23

By the time Mason got home again, darkness and exhaustion reigned. The thought of climbing into a scalding shower to scrub off the taint of Schaub’s world sounded incredible, but he couldn’t bring himself to cross the front threshold. He just stood on the porch, staring through the open doorway at a house that was no longer his. The part of him that lived inside had died with his wife.

It struck him that they would never bring a child home to this house. He would never throw a ball with him in the yard or swing with her in his lap. He would never walk through this door to the sound of laughter or the smell of his wife’s spaghetti. He would never hear her breathing in his ear or feel her hands on the muscles in his back.

He stared at the furniture in the living room and the paintings on the walls, and at the dinette in the kitchen, where his investigative files were spread around his wife’s final communication to him. We need to talk tonight. Please. There was nothing he wanted to do more and yet it was the one thing he would never be able to do again.

This was a stranger’s house. Or maybe he had become a stranger to it. The thought of spending another night in it was more than he could bear, but when it came right down to it, he had nowhere else to go.

He was at a crossroads and the time had come to decide which direction his life would take. The decision itself was so monumental that he had to break it down into a series of smaller, less significant decisions. He wasn’t accomplishing anything just standing there, so he made the decision to enter the house and close the door behind him.
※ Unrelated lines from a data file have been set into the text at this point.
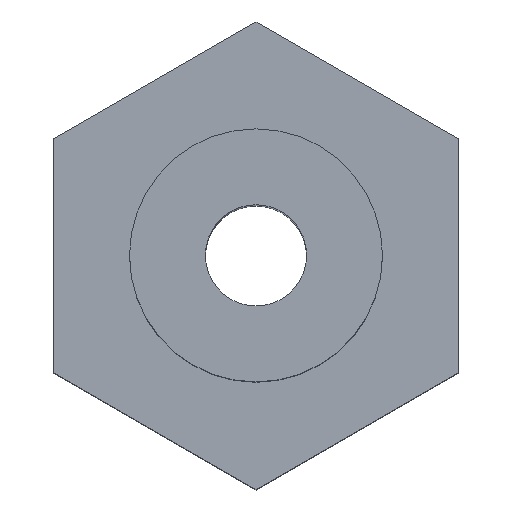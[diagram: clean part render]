
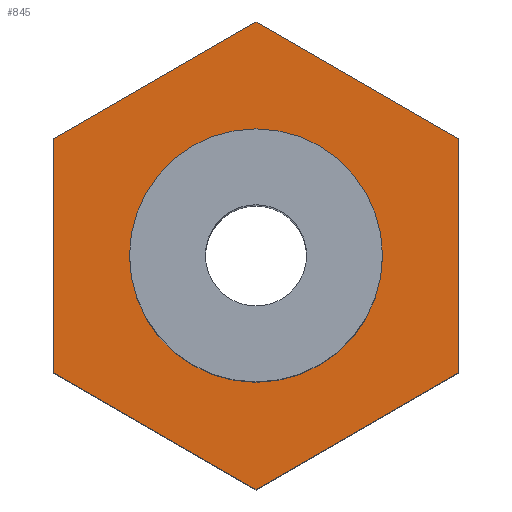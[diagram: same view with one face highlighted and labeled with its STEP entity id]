
A CAD part, top view. The second image highlights one B-rep face of the part: STEP entity #845.
In plain terms, the highlighted planar face has unit normal (0, 0, 1).
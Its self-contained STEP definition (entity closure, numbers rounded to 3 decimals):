
#53 = CARTESIAN_POINT ( 'NONE',  ( -4., 2.309, 0. ) ) ;
#72 = EDGE_CURVE ( 'NONE', #986, #954, #233, .T. ) ;
#76 = ORIENTED_EDGE ( 'NONE', *, *, #348, .F. ) ;
#78 = AXIS2_PLACEMENT_3D ( 'NONE', #1463, #1457, #1462 ) ;
#92 = PLANE ( 'NONE',  #256 ) ;
#95 = CARTESIAN_POINT ( 'NONE',  ( -4., -2.309, 0. ) ) ;
#98 = VERTEX_POINT ( 'NONE', #1429 ) ;
#160 = CARTESIAN_POINT ( 'NONE',  ( 0., 0., 0. ) ) ;
#161 = DIRECTION ( 'NONE',  ( -0.866, -0.5, 0. ) ) ;
#162 = DIRECTION ( 'NONE',  ( 0., 0., -1. ) ) ;
#165 = DIRECTION ( 'NONE',  ( 1., 0., 0. ) ) ;
#169 = DIRECTION ( 'NONE',  ( 0., -1., 0. ) ) ;
#170 = CARTESIAN_POINT ( 'NONE',  ( -4., 0., 0. ) ) ;
#174 = CARTESIAN_POINT ( 'NONE',  ( -2.5, 0., 0. ) ) ;
#184 = VERTEX_POINT ( 'NONE', #1045 ) ;
#233 = LINE ( 'NONE', #1114, #1121 ) ;
#256 = AXIS2_PLACEMENT_3D ( 'NONE', #1268, #773, #312 ) ;
#258 = DIRECTION ( 'NONE',  ( 0., 1., 0. ) ) ;
#265 = CARTESIAN_POINT ( 'NONE',  ( 4., 0., 0. ) ) ;
#268 = VERTEX_POINT ( 'NONE', #1041 ) ;
#286 = EDGE_LOOP ( 'NONE', ( #420, #1013 ) ) ;
#312 = DIRECTION ( 'NONE',  ( 1., 0., 0. ) ) ;
#335 = VERTEX_POINT ( 'NONE', #53 ) ;
#341 = EDGE_CURVE ( 'NONE', #335, #184, #357, .T. ) ;
#348 = EDGE_CURVE ( 'NONE', #184, #743, #1426, .T. ) ;
#357 = LINE ( 'NONE', #889, #1506 ) ;
#405 = EDGE_CURVE ( 'NONE', #98, #1256, #684, .T. ) ;
#418 = EDGE_CURVE ( 'NONE', #954, #335, #1511, .T. ) ;
#420 = ORIENTED_EDGE ( 'NONE', *, *, #405, .T. ) ;
#421 = EDGE_CURVE ( 'NONE', #743, #268, #1501, .T. ) ;
#426 = CARTESIAN_POINT ( 'NONE',  ( 0., -4.619, 0. ) ) ;
#542 = VECTOR ( 'NONE', #169, 1000. ) ;
#601 = ORIENTED_EDGE ( 'NONE', *, *, #341, .F. ) ;
#684 = CIRCLE ( 'NONE', #768, 2.5 ) ;
#743 = VERTEX_POINT ( 'NONE', #1412 ) ;
#768 = AXIS2_PLACEMENT_3D ( 'NONE', #160, #162, #165 ) ;
#771 = ORIENTED_EDGE ( 'NONE', *, *, #421, .F. ) ;
#773 = DIRECTION ( 'NONE',  ( 0., 0., 1. ) ) ;
#783 = DIRECTION ( 'NONE',  ( 0.866, -0.5, 0. ) ) ;
#838 = VECTOR ( 'NONE', #783, 1000. ) ;
#845 = ADVANCED_FACE ( 'NONE', ( #1174, #1171 ), #92, .T. ) ;
#881 = EDGE_CURVE ( 'NONE', #1256, #98, #1010, .T. ) ;
#889 = CARTESIAN_POINT ( 'NONE',  ( -2., 3.464, 0. ) ) ;
#897 = EDGE_LOOP ( 'NONE', ( #981, #930, #771, #76, #601, #1181 ) ) ;
#909 = CARTESIAN_POINT ( 'NONE',  ( 2., 3.464, 0. ) ) ;
#930 = ORIENTED_EDGE ( 'NONE', *, *, #1208, .F. ) ;
#938 = DIRECTION ( 'NONE',  ( 0.866, 0.5, 0. ) ) ;
#954 = VERTEX_POINT ( 'NONE', #95 ) ;
#981 = ORIENTED_EDGE ( 'NONE', *, *, #72, .F. ) ;
#986 = VERTEX_POINT ( 'NONE', #426 ) ;
#1010 = CIRCLE ( 'NONE', #78, 2.5 ) ;
#1013 = ORIENTED_EDGE ( 'NONE', *, *, #881, .T. ) ;
#1016 = CARTESIAN_POINT ( 'NONE',  ( 2., -3.464, 0. ) ) ;
#1038 = LINE ( 'NONE', #1016, #1044 ) ;
#1041 = CARTESIAN_POINT ( 'NONE',  ( 4., -2.309, 0. ) ) ;
#1044 = VECTOR ( 'NONE', #161, 1000. ) ;
#1045 = CARTESIAN_POINT ( 'NONE',  ( 0., 4.619, 0. ) ) ;
#1114 = CARTESIAN_POINT ( 'NONE',  ( -2., -3.464, 0. ) ) ;
#1121 = VECTOR ( 'NONE', #1122, 1000. ) ;
#1122 = DIRECTION ( 'NONE',  ( -0.866, 0.5, 0. ) ) ;
#1171 = FACE_OUTER_BOUND ( 'NONE', #897, .T. ) ;
#1174 = FACE_BOUND ( 'NONE', #286, .T. ) ;
#1181 = ORIENTED_EDGE ( 'NONE', *, *, #418, .F. ) ;
#1208 = EDGE_CURVE ( 'NONE', #268, #986, #1038, .T. ) ;
#1256 = VERTEX_POINT ( 'NONE', #174 ) ;
#1268 = CARTESIAN_POINT ( 'NONE',  ( 0., -3., 0. ) ) ;
#1412 = CARTESIAN_POINT ( 'NONE',  ( 4., 2.309, 0. ) ) ;
#1426 = LINE ( 'NONE', #909, #838 ) ;
#1429 = CARTESIAN_POINT ( 'NONE',  ( 2.5, 0., 0. ) ) ;
#1457 = DIRECTION ( 'NONE',  ( 0., 0., -1. ) ) ;
#1462 = DIRECTION ( 'NONE',  ( 1., 0., 0. ) ) ;
#1463 = CARTESIAN_POINT ( 'NONE',  ( 0., 0., 0. ) ) ;
#1471 = VECTOR ( 'NONE', #258, 1000. ) ;
#1501 = LINE ( 'NONE', #265, #542 ) ;
#1506 = VECTOR ( 'NONE', #938, 1000. ) ;
#1511 = LINE ( 'NONE', #170, #1471 ) ;
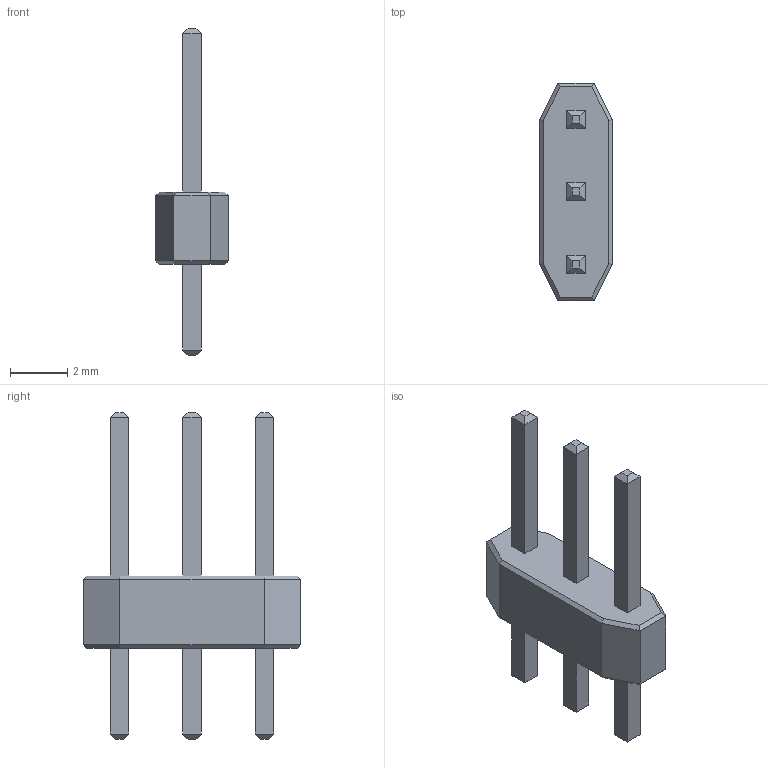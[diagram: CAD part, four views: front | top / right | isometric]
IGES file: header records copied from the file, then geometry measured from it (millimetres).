
Global section: file name: No Iges File Name specified; native system: AutoDesk Inventor R6.0; preprocessor: AutoDesk Inventor Iges Exporter R6.0; author: No Author specified; organization: No Organization specified; date: 20080104.195354; units: inch
Bounding box: 2.54 x 7.62 x 11.43 mm (x, y, z)
Surface area: 145.2 mm2 (no closed solid volume)
Topology: 0 solids, 0 shells, 80 faces, 352 edges, 352 vertices
Faces by surface type: plane 80

Heading upstairs for a change of clothes was an easy decision. Easier still was the decision to get in the shower. The hot water worked its magic and he emerged looking and smelling like a new man. Or at least a clean man. It also helped him formulate his thoughts. He had brought all of this pain upon himself. He had brought evil back with him from Arizona and tracked it through his home. He was responsible for his wife’s death. He had failed to kill the monster who murdered his partner and then his wife. That one moment had changed everything. That one decision.

Take the shot, damn it!

Had he shot the man with the blue eyes first, his partner might still be dead, but his wife would be alive. A split second to think it through. Not even that. He had acted on instinct and made the wrong decision. He needed the next one he made to be the right one, for the answer to the question he was about to pose to himself would set the course of the rest of his life.

What should I do now?

The answer was so simple that even he couldn’t screw it up.

He was going to track down the man who had murdered Angie and Kane. He was going to find the man with the blue eyes. And he was going to kill him.

He changed into clean clothes, holstered his Glock under his left arm, and looked around the bedroom that was no longer his. Angie was in everything he saw. Her scent haunted the room. She was no longer here, though, and she would never be coming back.

Neither would Mason.

He loaded Angie’s personal laptop into its case, took it by the handle, and went down the stairs. He stopped dead in his tracks on the landing. A yellow triangle protruded from the seam around the door. He opened it and a folded piece of paper fell to the floor.

Another page torn from a phone book, covered with scores of fingerprints, none of which would lead him to the person who had left the message. It consisted of only four words this time.

WILL YOU HELP ME?

He took one of his business cards from his wallet, stepped out onto the porch, and wedged it in the door behind him. When whoever left the notes was done playing games, he could pick up a phone and call Mason. He didn’t have any more time to waste. If the man with the blue eyes was still alive, then there was a chance he’d brought the virus with him.

Mason was already formulating a plan when he climbed behind the wheel of his Cherokee. He needed to consider everything he knew about the man with the blue eyes, who obviously knew his identity, which meant he had to assume that the man knew everything there was to know about him. He couldn’t afford not to. Unfortunately, that meant the man with the blue eyes also knew about his father, which opened up a whole new can of worms, but he had to consider every possibility.

What did he know for sure?

The man with the blue eyes favored fire as his means of erasing any sign of his presence, assuming he was also responsible for the string of fatal blazes leading northwest from the Arizona-Mexico border. Perhaps his flair for pyrotechnics stemmed from having been severely burned; maybe his facial disfigurement was as a result of it. If so, there was likely a record of it somewhere.

He was part of a group trafficking pathogens into the country, and Mason’s gut told him the end goal was weaponization, which fit with the fact that even Ramses couldn’t find out what was being sold on the third floor of the building by the old airport. The same group was responsible for the deaths of thirteen law-enforcement agents at the stone quarry, and he fully believed they had known the strike force was coming because someone had tipped them off. Someone within their own ranks.

He’d been shot in the shoulder. Mason had seen that with his own eyes. Maybe the man with the blue eyes wanted to exact his revenge, but if that was all, why not come directly at him?

It wasn’t much, but Mason had worked with less.

The problem was, there was only one person who could potentially lead him to the man with the blue eyes, and he had a hunch that help would come at a fairly painful price.